# footing detail for portico



## AustinDB (Sep 11, 2006)

when adding a portico to an old construction house, is a typical weight bearing foundation necessary for the posts? The question pertains to a 5x11 portico.

now on to terminology :blink: what is the proper term for the front porch detail-portico, porch, entry??


----------



## tccoggs (Dec 17, 2008)

By me you would be required to place 10-12" sonotubes for the posts 36" deep.


----------



## neolitic (Apr 20, 2006)

If it is attached to the house
it should have a footing 
of some sort, that goes
below frost line.


----------



## AustinDB (Sep 11, 2006)

verdict fm P&Z is a monolithic slab. That's 24" deep and 12" wide w/ 2 pieces of rebar for our region.


----------



## naptown CR (Feb 20, 2009)

72chevy4x4 said:


> when adding a portico to an old construction house, is a typical weight bearing foundation necessary for the posts? The question pertains to a 5x11 portico.
> 
> now on to terminology :blink: what is the proper term for the front porch detail-portico, porch, entry??

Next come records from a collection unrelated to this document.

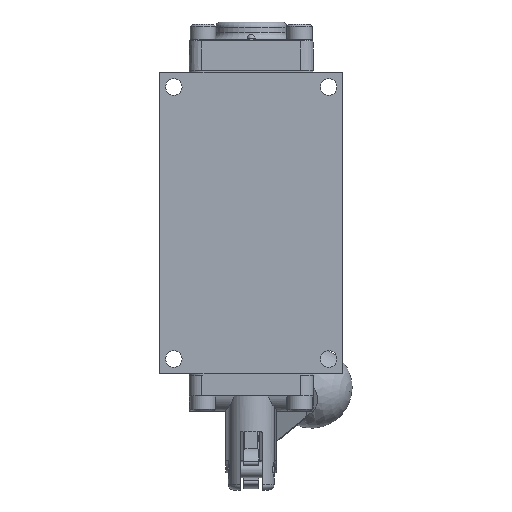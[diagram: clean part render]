
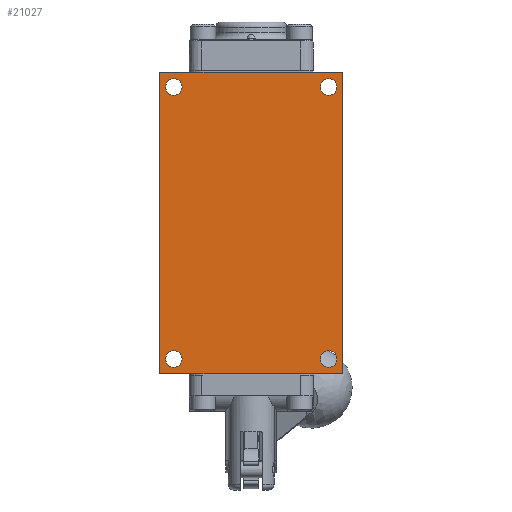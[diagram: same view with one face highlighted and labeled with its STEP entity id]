
A CAD part, front view. The second image highlights one B-rep face of the part: STEP entity #21027.
In plain terms, the highlighted planar face has unit normal (0, -1, 0).
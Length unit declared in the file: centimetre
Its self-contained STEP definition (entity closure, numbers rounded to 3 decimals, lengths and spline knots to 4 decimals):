
#1329=FACE_BOUND('',#3072,.T.);
#1330=FACE_BOUND('',#3073,.T.);
#1331=FACE_BOUND('',#3074,.T.);
#1332=FACE_BOUND('',#3075,.T.);
#1789=FACE_OUTER_BOUND('',#3071,.T.);
#3071=EDGE_LOOP('',(#14854,#14855,#14856,#14857));
#3072=EDGE_LOOP('',(#14858));
#3073=EDGE_LOOP('',(#14859));
#3074=EDGE_LOOP('',(#14860));
#3075=EDGE_LOOP('',(#14861));
#4216=CIRCLE('',#22384,0.2578);
#4217=CIRCLE('',#22386,0.2578);
#4218=CIRCLE('',#22388,0.2578);
#4219=CIRCLE('',#22390,0.2578);
#5059=LINE('',#30116,#6588);
#5069=LINE('',#30152,#6598);
#5287=LINE('',#31107,#6816);
#5529=LINE('',#32531,#7058);
#6588=VECTOR('',#24333,1.);
#6598=VECTOR('',#24361,1.);
#6816=VECTOR('',#24749,1.);
#7058=VECTOR('',#25141,1.);
#8144=VERTEX_POINT('',#30113);
#8145=VERTEX_POINT('',#30115);
#8161=VERTEX_POINT('',#30149);
#8162=VERTEX_POINT('',#30151);
#8687=VERTEX_POINT('',#33335);
#8688=VERTEX_POINT('',#33339);
#8689=VERTEX_POINT('',#33343);
#8690=VERTEX_POINT('',#33347);
#10110=EDGE_CURVE('',#8144,#8145,#5059,.T.);
#10127=EDGE_CURVE('',#8161,#8162,#5069,.T.);
#10408=EDGE_CURVE('',#8162,#8144,#5287,.T.);
#10744=EDGE_CURVE('',#8145,#8161,#5529,.T.);
#10916=EDGE_CURVE('',#8687,#8687,#4216,.T.);
#10918=EDGE_CURVE('',#8688,#8688,#4217,.T.);
#10920=EDGE_CURVE('',#8689,#8689,#4218,.T.);
#10922=EDGE_CURVE('',#8690,#8690,#4219,.T.);
#14854=ORIENTED_EDGE('',*,*,#10408,.F.);
#14855=ORIENTED_EDGE('',*,*,#10127,.F.);
#14856=ORIENTED_EDGE('',*,*,#10744,.F.);
#14857=ORIENTED_EDGE('',*,*,#10110,.F.);
#14858=ORIENTED_EDGE('',*,*,#10916,.T.);
#14859=ORIENTED_EDGE('',*,*,#10918,.T.);
#14860=ORIENTED_EDGE('',*,*,#10920,.T.);
#14861=ORIENTED_EDGE('',*,*,#10922,.T.);
#19094=PLANE('',#22416);
#21027=ADVANCED_FACE('',(#1789,#1329,#1330,#1331,#1332),#19094,.F.);
#22384=AXIS2_PLACEMENT_3D('',#33337,#25505,#25506);
#22386=AXIS2_PLACEMENT_3D('',#33341,#25510,#25511);
#22388=AXIS2_PLACEMENT_3D('',#33345,#25515,#25516);
#22390=AXIS2_PLACEMENT_3D('',#33349,#25520,#25521);
#22416=AXIS2_PLACEMENT_3D('',#33400,#25587,#25588);
#24333=DIRECTION('',(1.,0.,0.));
#24361=DIRECTION('',(-1.,0.,0.));
#24749=DIRECTION('',(0.,0.,1.));
#25141=DIRECTION('',(0.,0.,-1.));
#25505=DIRECTION('center_axis',(0.,1.,0.));
#25506=DIRECTION('ref_axis',(-1.,0.,0.));
#25510=DIRECTION('center_axis',(0.,1.,0.));
#25511=DIRECTION('ref_axis',(-1.,0.,0.));
#25515=DIRECTION('center_axis',(0.,1.,0.));
#25516=DIRECTION('ref_axis',(-1.,0.,0.));
#25520=DIRECTION('center_axis',(0.,1.,0.));
#25521=DIRECTION('ref_axis',(-1.,0.,0.));
#25587=DIRECTION('center_axis',(0.,1.,0.));
#25588=DIRECTION('ref_axis',(0.,0.,1.));
#30113=CARTESIAN_POINT('',(-2.8575,-1.6358,4.7104));
#30115=CARTESIAN_POINT('',(2.8575,-1.6358,4.7104));
#30116=CARTESIAN_POINT('',(-2.8575,-1.6358,4.7104));
#30149=CARTESIAN_POINT('',(2.8575,-1.6358,-4.7104));
#30151=CARTESIAN_POINT('',(-2.8575,-1.6358,-4.7104));
#30152=CARTESIAN_POINT('',(2.8575,-1.6358,-4.7104));
#31107=CARTESIAN_POINT('',(-2.8575,-1.6358,-4.7104));
#32531=CARTESIAN_POINT('',(2.8575,-1.6358,4.7104));
#33335=CARTESIAN_POINT('',(-2.1628,-1.6358,-4.2469));
#33337=CARTESIAN_POINT('Origin',(-2.4206,-1.6358,-4.2469));
#33339=CARTESIAN_POINT('',(-2.1628,-1.6358,4.2469));
#33341=CARTESIAN_POINT('Origin',(-2.4206,-1.6358,4.2469));
#33343=CARTESIAN_POINT('',(2.6784,-1.6358,-4.2469));
#33345=CARTESIAN_POINT('Origin',(2.4206,-1.6358,-4.2469));
#33347=CARTESIAN_POINT('',(2.6784,-1.6358,4.2469));
#33349=CARTESIAN_POINT('Origin',(2.4206,-1.6358,4.2469));
#33400=CARTESIAN_POINT('Origin',(0.,-1.6358,0.));

If it is roof over a masonry stoop I would call it a portico
An all wood detail or one that covers most of the front of the house I would call a porch.
But that's just me and will vary from one part of the country to another.

So what did you find you had there?


----------



## CookeCarpentry (Feb 26, 2009)

entry - any means to ENTER a house

porch - all wood construction, a deck with a roof over it, open sides (except for railings maybe)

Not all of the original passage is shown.